ROBERT HARRISON
The High Priest of Sleaze
by Nick Tosches

Robert Harrison, of whom little is known and less remembered, began publishing Beauty Parade, the first of the girlie magazines, in 1941. Amid advertisements that were often stranger than fiction ("Girls Can't Resist the KISS ME NECKTIE as it GLOWS in the DARK!"), Beauty Parade offered everything from hair fetishism ("Titian Tresses") to catfighting ("Battling Babes"). "Dramatizing Lingerie" (February 1942) and "Ankles Aweigh" (May 1952) were representative of a decade of purposeful editorial thinking. Early issues included color centerfolds by Bruno of Hollywood.

Beauty Parade was five years old and going strong when Harrison began putting out Whisper in early 1947. This new bimonthly featured even hotter fetish photos. Every cover featured a dame in hosiery. It was almost as if a dame without hose was no dame at all. But Whisper featured something else as well: scandal exposes and true-crime stories. Whisper took its readers to a "Benzedrine Thrill Party," where "kids become hopped up." (Of course, all the gals at the thrill party were pictured wearing high heels and stockings.) In July 1948, Whisper gave the lowdown on "Dope: Our Secret Sin": "Soft lights... the plink of the guitar...the moan of the saxophone...And in the faces of a few in every youthful gaping group in Hipsters Heaven -- 52nd Street, New York-- one can see the glazed eyes that signify this or that poor youth has joined the big tea and witch hazel mob (marijuana and heroin if you're not hep to jive)." There was also practical advice. "Don't go around figuring you're the smartest bucko since Einstein," Whisper warned in "How the Shakedown Sweeties of the Big Town Ply Their Nefarious Trades" (March 1948), "because there's a racket for you, and a smart gal who'll make you throw caution to the winds."

Whisper's blend of flying saucers, garterbelts, bondage, and hardboiled hepcat journalism was as successful as it was sublime. There was no stopping Harrison now. Late in 1952 came Confidential, the ultimate distillation of Harrison's vision of a sleazo-centric universe.

Though Whisper was by far the most intriguing and outrageous of Harrison's publications, Confidential was the crown of his ascendance. As a prosecutor later put it, Confidential "maliciously dredged up from the gutters a slip from the straight and narrow path by a prominent individual and depicted it as the individual's way of life," inferring "by innuendo the lewdest sort of situations." Confidential was The Scarlet Letter for real, Time magazine for the salt and scum of the earth, the confirmer of every vicious suspicion; the logos of America's cheap, meaningless mythology. By 1957 Confidential's newsstand circulation, estimated at four million, was the largest of any magazine in the country.

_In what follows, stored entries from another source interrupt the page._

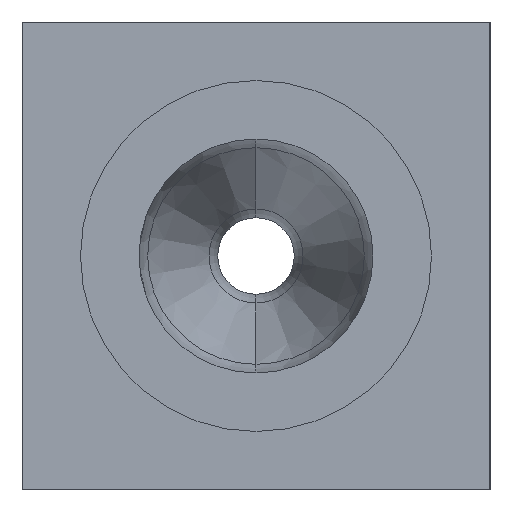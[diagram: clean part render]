
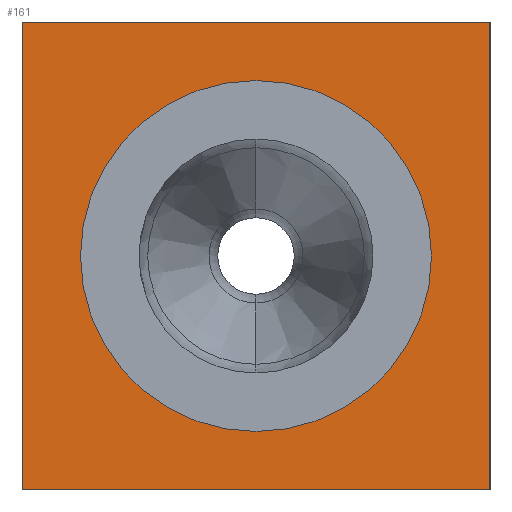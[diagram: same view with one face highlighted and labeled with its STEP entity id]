
A CAD part, left-side view. The second image highlights one B-rep face of the part: STEP entity #161.
In plain terms, the highlighted planar face has unit normal (-1, 0, 0).
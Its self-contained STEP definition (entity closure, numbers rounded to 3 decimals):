
#2 = ORIENTED_EDGE ( 'NONE', *, *, #656, .F. ) ;
#6 = VERTEX_POINT ( 'NONE', #901 ) ;
#21 = ORIENTED_EDGE ( 'NONE', *, *, #826, .F. ) ;
#27 = DIRECTION ( 'NONE',  ( 0., -1., 0. ) ) ;
#69 = CARTESIAN_POINT ( 'NONE',  ( 0., 0., -20. ) ) ;
#77 = CARTESIAN_POINT ( 'NONE',  ( 0., 20., -15. ) ) ;
#80 = DIRECTION ( 'NONE',  ( -1., 0., 0. ) ) ;
#116 = FACE_OUTER_BOUND ( 'NONE', #610, .T. ) ;
#137 = VERTEX_POINT ( 'NONE', #430 ) ;
#141 = DIRECTION ( 'NONE',  ( 0., -1., 0. ) ) ;
#144 = EDGE_LOOP ( 'NONE', ( #712, #2 ) ) ;
#146 = EDGE_CURVE ( 'NONE', #518, #6, #316, .T. ) ;
#161 = ADVANCED_FACE ( 'NONE', ( #510, #116 ), #293, .F. ) ;
#181 = AXIS2_PLACEMENT_3D ( 'NONE', #229, #80, #594 ) ;
#192 = VECTOR ( 'NONE', #141, 1000. ) ;
#204 = EDGE_CURVE ( 'NONE', #348, #205, #780, .T. ) ;
#205 = VERTEX_POINT ( 'NONE', #368 ) ;
#229 = CARTESIAN_POINT ( 'NONE',  ( 0., 20., 0. ) ) ;
#239 = VECTOR ( 'NONE', #27, 1000. ) ;
#269 = DIRECTION ( 'NONE',  ( 0., 0., -1. ) ) ;
#293 = PLANE ( 'NONE',  #624 ) ;
#297 = EDGE_CURVE ( 'NONE', #667, #205, #796, .T. ) ;
#316 = CIRCLE ( 'NONE', #410, 15. ) ;
#348 = VERTEX_POINT ( 'NONE', #777 ) ;
#364 = VECTOR ( 'NONE', #269, 1000. ) ;
#365 = DIRECTION ( 'NONE',  ( -1., 0., 0. ) ) ;
#368 = CARTESIAN_POINT ( 'NONE',  ( 0., 0., -20. ) ) ;
#406 = CARTESIAN_POINT ( 'NONE',  ( 0., 0., 20. ) ) ;
#410 = AXIS2_PLACEMENT_3D ( 'NONE', #582, #365, #432 ) ;
#424 = EDGE_CURVE ( 'NONE', #137, #348, #941, .T. ) ;
#430 = CARTESIAN_POINT ( 'NONE',  ( 0., 40., 20. ) ) ;
#432 = DIRECTION ( 'NONE',  ( 0., 0., -1. ) ) ;
#503 = LINE ( 'NONE', #680, #239 ) ;
#510 = FACE_BOUND ( 'NONE', #144, .T. ) ;
#518 = VERTEX_POINT ( 'NONE', #77 ) ;
#527 = DIRECTION ( 'NONE',  ( 0., 0., -1. ) ) ;
#537 = ORIENTED_EDGE ( 'NONE', *, *, #424, .T. ) ;
#582 = CARTESIAN_POINT ( 'NONE',  ( 0., 20., 0. ) ) ;
#594 = DIRECTION ( 'NONE',  ( 0., 0., -1. ) ) ;
#610 = EDGE_LOOP ( 'NONE', ( #891, #900, #21, #537 ) ) ;
#624 = AXIS2_PLACEMENT_3D ( 'NONE', #725, #854, #649 ) ;
#648 = CIRCLE ( 'NONE', #181, 15. ) ;
#649 = DIRECTION ( 'NONE',  ( 0., 0., -1. ) ) ;
#656 = EDGE_CURVE ( 'NONE', #6, #518, #648, .T. ) ;
#667 = VERTEX_POINT ( 'NONE', #406 ) ;
#680 = CARTESIAN_POINT ( 'NONE',  ( 0., 0., 20. ) ) ;
#712 = ORIENTED_EDGE ( 'NONE', *, *, #146, .F. ) ;
#725 = CARTESIAN_POINT ( 'NONE',  ( 0., 0., 20. ) ) ;
#743 = CARTESIAN_POINT ( 'NONE',  ( 0., 0., 20. ) ) ;
#777 = CARTESIAN_POINT ( 'NONE',  ( 0., 40., -20. ) ) ;
#780 = LINE ( 'NONE', #69, #192 ) ;
#796 = LINE ( 'NONE', #743, #936 ) ;
#826 = EDGE_CURVE ( 'NONE', #137, #667, #503, .T. ) ;
#854 = DIRECTION ( 'NONE',  ( 1., 0., 0. ) ) ;
#891 = ORIENTED_EDGE ( 'NONE', *, *, #204, .T. ) ;
#900 = ORIENTED_EDGE ( 'NONE', *, *, #297, .F. ) ;
#901 = CARTESIAN_POINT ( 'NONE',  ( 0., 20., 15. ) ) ;
#919 = CARTESIAN_POINT ( 'NONE',  ( 0., 40., 20. ) ) ;
#936 = VECTOR ( 'NONE', #527, 1000. ) ;
#941 = LINE ( 'NONE', #919, #364 ) ;

The beginning of the end came in June of that year, when Harrison and his associates were arraigned in Los Angeles on charges of conspiring to commit criminal libel. Under a court agreement that autumn, Harrison relented: Confidential and Whisper would revise their editorial policies in exchange for the dismissal of criminal charges. The magazines lingered, wraiths of their former glory, through 1973.

Harrison's end passed unnoted. But his legacy, while still unhonored, imbues every breath America takes. Many have spoken of America in search of herself. Robert Harrison found her, posed the way men like 'em.